Data to use:
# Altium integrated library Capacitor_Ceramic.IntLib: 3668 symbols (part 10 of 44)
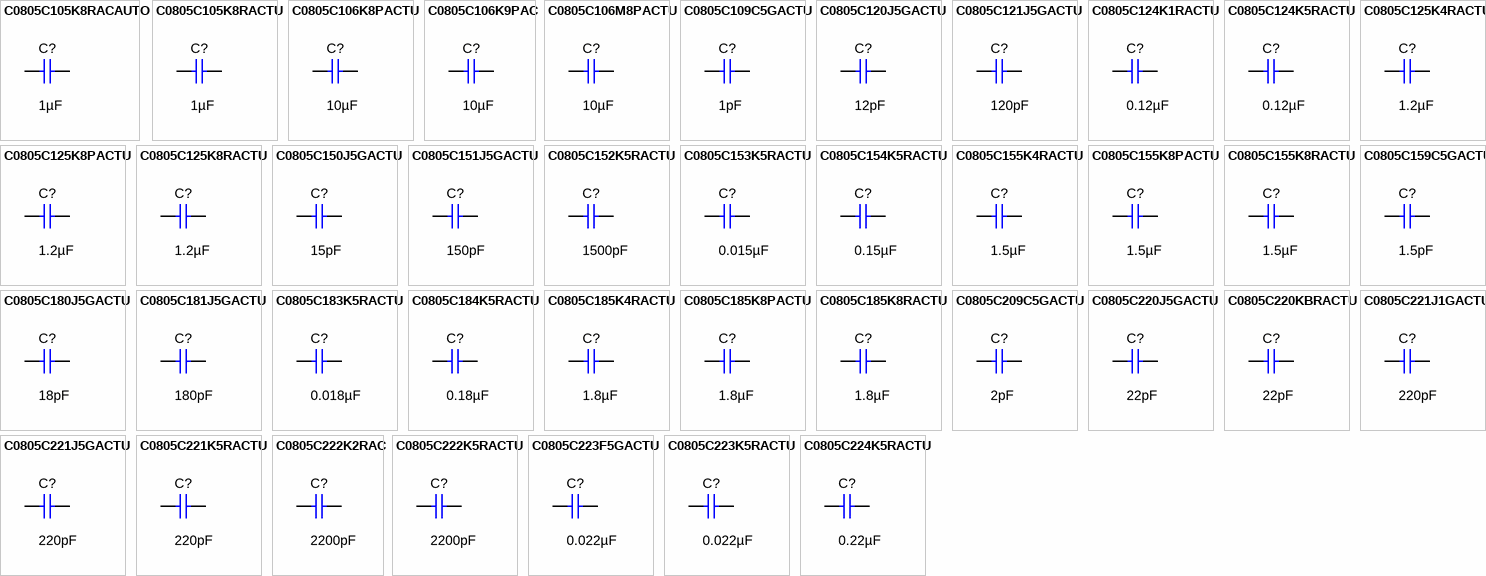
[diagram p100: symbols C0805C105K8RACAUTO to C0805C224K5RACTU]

## C0805C106K9PAC
designator C?  ValueDisplayed: 10µF  (hidden comment: C0805C106K9PAC)
CAP, CERM, 10 µF, 6.3 V,+/- 10%, X5R, 0805; Manufacturer: Kemet; Polarized: N; CompType: Capacitor; Value: 10uF; U/M: EA; Cap_F: 0.00001; Tolerance_%: 10; VDC_V: 6.3; Value2: 6.3V; TaMin_C: -55; TaMax_C: 85; Cap_Case: 0805; SizeArea_mm2: 2.5; SizeAreaWB_mm2: 6.75; SizeX_mm: 2; SizeY_mm: 1.25; SizeZ_mm: 1.45; AEC Category: Q200; Green_Lifecycle: Not Set; Green_REACh: Incomplete
signal-integrity model Cap
simulation model Cap
footprint 0805_HV
footprint 0805_HV1
footprint 0805
footprint 0805M
footprint 0805L
pins: 1, 2

## C0805C106M8PACTU
designator C?  ValueDisplayed: 10µF  (hidden comment: C0805C106M8PACTU)
CAP, CERM, 10 µF, 10 V,+/- 20%, X5R, 0805; Manufacturer: Kemet; Polarized: N; CompType: Capacitor; Value: 10uF; U/M: EA; Cap_F: 0.00001; Tolerance_%: 20; ESR_ohm: 0.003; Value1: 0.003 ohm; VDC_V: 10; Value2: 10V; IRMS_A: 11.43; TaMin_C: -55; TaMax_C: 85; Cap_Case: 0805; SizeArea_mm2: 2.5; SizeAreaWB_mm2: 6.75; SizeX_mm: 2; SizeY_mm: 1.25; SizeZ_mm: 1.45; AEC Category: Q200; Green_Lifecycle: Active; Green_REACh: Passed
signal-integrity model Cap
simulation model Cap
footprint 0805_HV
footprint 0805_HV1
footprint 0805
footprint 0805M
footprint 0805L
pins: 1, 2

## C0805C109C5GACTU
designator C?  ValueDisplayed: 1pF  (hidden comment: C0805C109C5GACTU)
CAP, CERM, 1 pF, 50 V,+/- 25%, C0G/NP0, 0805; Manufacturer: Kemet; Polarized: N; CompType: Capacitor; Value: 1pF; U/M: EA; Cap_F: 0.000000000001; Tolerance_%: 25; ESR_ohm: 0.84; Value1: 0.84 ohm; VDC_V: 50; Value2: 50V; IRMS_A: 0.023; TaMin_C: -55; TaMax_C: 125; Cap_Case: 0805; SizeArea_mm2: 2.5; SizeAreaWB_mm2: 6.75; SizeX_mm: 2; SizeY_mm: 1.25; SizeZ_mm: 1.45; AEC Category: Q200; Green_Lifecycle: Not Set; Green_REACh: Incomplete
signal-integrity model Cap
simulation model Cap
footprint 0805_HV
footprint 0805_HV1
footprint 0805
footprint 0805M
footprint 0805L
pins: 1, 2

## C0805C120J5GACTU
designator C?  ValueDisplayed: 12pF  (hidden comment: C0805C120J5GACTU)
CAP, CERM, 12 pF, 50 V,+/- 5%, C0G/NP0, 0805; Manufacturer: Kemet; Polarized: N; CompType: Capacitor; Value: 12pF; U/M: EA; Cap_F: 0.000000000012; Tolerance_%: 5; ESR_ohm: 0.252; Value1: 0.252 ohm; VDC_V: 50; Value2: 50V; IRMS_A: 0.265; TaMin_C: -55; TaMax_C: 125; Cap_Case: 0805; SizeArea_mm2: 2.5; SizeAreaWB_mm2: 6.75; SizeX_mm: 2; SizeY_mm: 1.25; SizeZ_mm: 1.45; AEC Category: Q200; Green_Lifecycle: Not Set; Green_REACh: Incomplete
signal-integrity model Cap
simulation model Cap
footprint 0805_HV
footprint 0805_HV1
footprint 0805
footprint 0805M
footprint 0805L
pins: 1, 2

## C0805C121J5GACTU
designator C?  ValueDisplayed: 120pF  (hidden comment: C0805C121J5GACTU)
CAP, CERM, 120 pF, 50 V,+/- 5%, C0G/NP0, 0805; Manufacturer: Kemet; Polarized: N; CompType: Capacitor; Value: 120pF; U/M: EA; Cap_F: 0.00000000012; Tolerance_%: 5; ESR_ohm: 0.066; Value1: 0.066 ohm; VDC_V: 50; Value2: 50V; IRMS_A: 0.615; TaMin_C: -55; TaMax_C: 125; Cap_Case: 0805; SizeArea_mm2: 2.5; SizeAreaWB_mm2: 6.75; SizeX_mm: 2; SizeY_mm: 1.25; SizeZ_mm: 1.45; AEC Category: Q200; Green_Lifecycle: Not Set; Green_REACh: Incomplete
signal-integrity model Cap
simulation model Cap
footprint 0805_HV
footprint 0805_HV1
footprint 0805
footprint 0805M
footprint 0805L
pins: 1, 2

## C0805C124K1RACTU
designator C?  ValueDisplayed: 0.12µF  (hidden comment: C0805C124K1RACTU)
CAP, CERM, 0.12 µF, 100 V,+/- 10%, X7R, 0805; Manufacturer: Kemet; Polarized: N; CompType: Capacitor; Value: 0.12uF; U/M: EA; Cap_F: 0.00000012; Tolerance_%: 10; ESR_ohm: 0.059; Value1: 0.059 ohm; VDC_V: 100; Value2: 100V; IRMS_A: 1.84; TaMin_C: -55; TaMax_C: 125; Cap_Case: 0805; SizeArea_mm2: 2.5; SizeAreaWB_mm2: 6.75; SizeX_mm: 2; SizeY_mm: 1.25; SizeZ_mm: 1.45; AEC Category: Q200; Green_Lifecycle: Not Set; Green_REACh: Incomplete
signal-integrity model Cap
simulation model Cap
footprint 0805_HV
footprint 0805_HV1
footprint 0805
footprint 0805M
footprint 0805L
pins: 1, 2

## C0805C124K5RACTU
designator C?  ValueDisplayed: 0.12µF  (hidden comment: C0805C124K5RACTU)
CAP, CERM, 0.12 µF, 50 V,+/- 10%, X7R, 0805; Manufacturer: Kemet; Polarized: N; CompType: Capacitor; Value: 0.12uF; U/M: EA; Cap_F: 0.00000012; Tolerance_%: 10; ESR_ohm: 0.059; Value1: 0.059 ohm; VDC_V: 50; Value2: 50V; IRMS_A: 1.84; TaMin_C: -55; TaMax_C: 125; Cap_Case: 0805; SizeArea_mm2: 2.5; SizeAreaWB_mm2: 6.75; SizeX_mm: 2; SizeY_mm: 1.25; SizeZ_mm: 1.45; AEC Category: Q200; Green_Lifecycle: Not Set; Green_REACh: Incomplete
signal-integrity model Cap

Work order: Your answer must be every line from the entries that contains the string "ValueDisplayed", copied as it stands.

Your response:
designator C?  ValueDisplayed: 10µF  (hidden comment: C0805C106K9PAC)
designator C?  ValueDisplayed: 10µF  (hidden comment: C0805C106M8PACTU)
designator C?  ValueDisplayed: 1pF  (hidden comment: C0805C109C5GACTU)
designator C?  ValueDisplayed: 12pF  (hidden comment: C0805C120J5GACTU)
designator C?  ValueDisplayed: 120pF  (hidden comment: C0805C121J5GACTU)
designator C?  ValueDisplayed: 0.12µF  (hidden comment: C0805C124K1RACTU)
designator C?  ValueDisplayed: 0.12µF  (hidden comment: C0805C124K5RACTU)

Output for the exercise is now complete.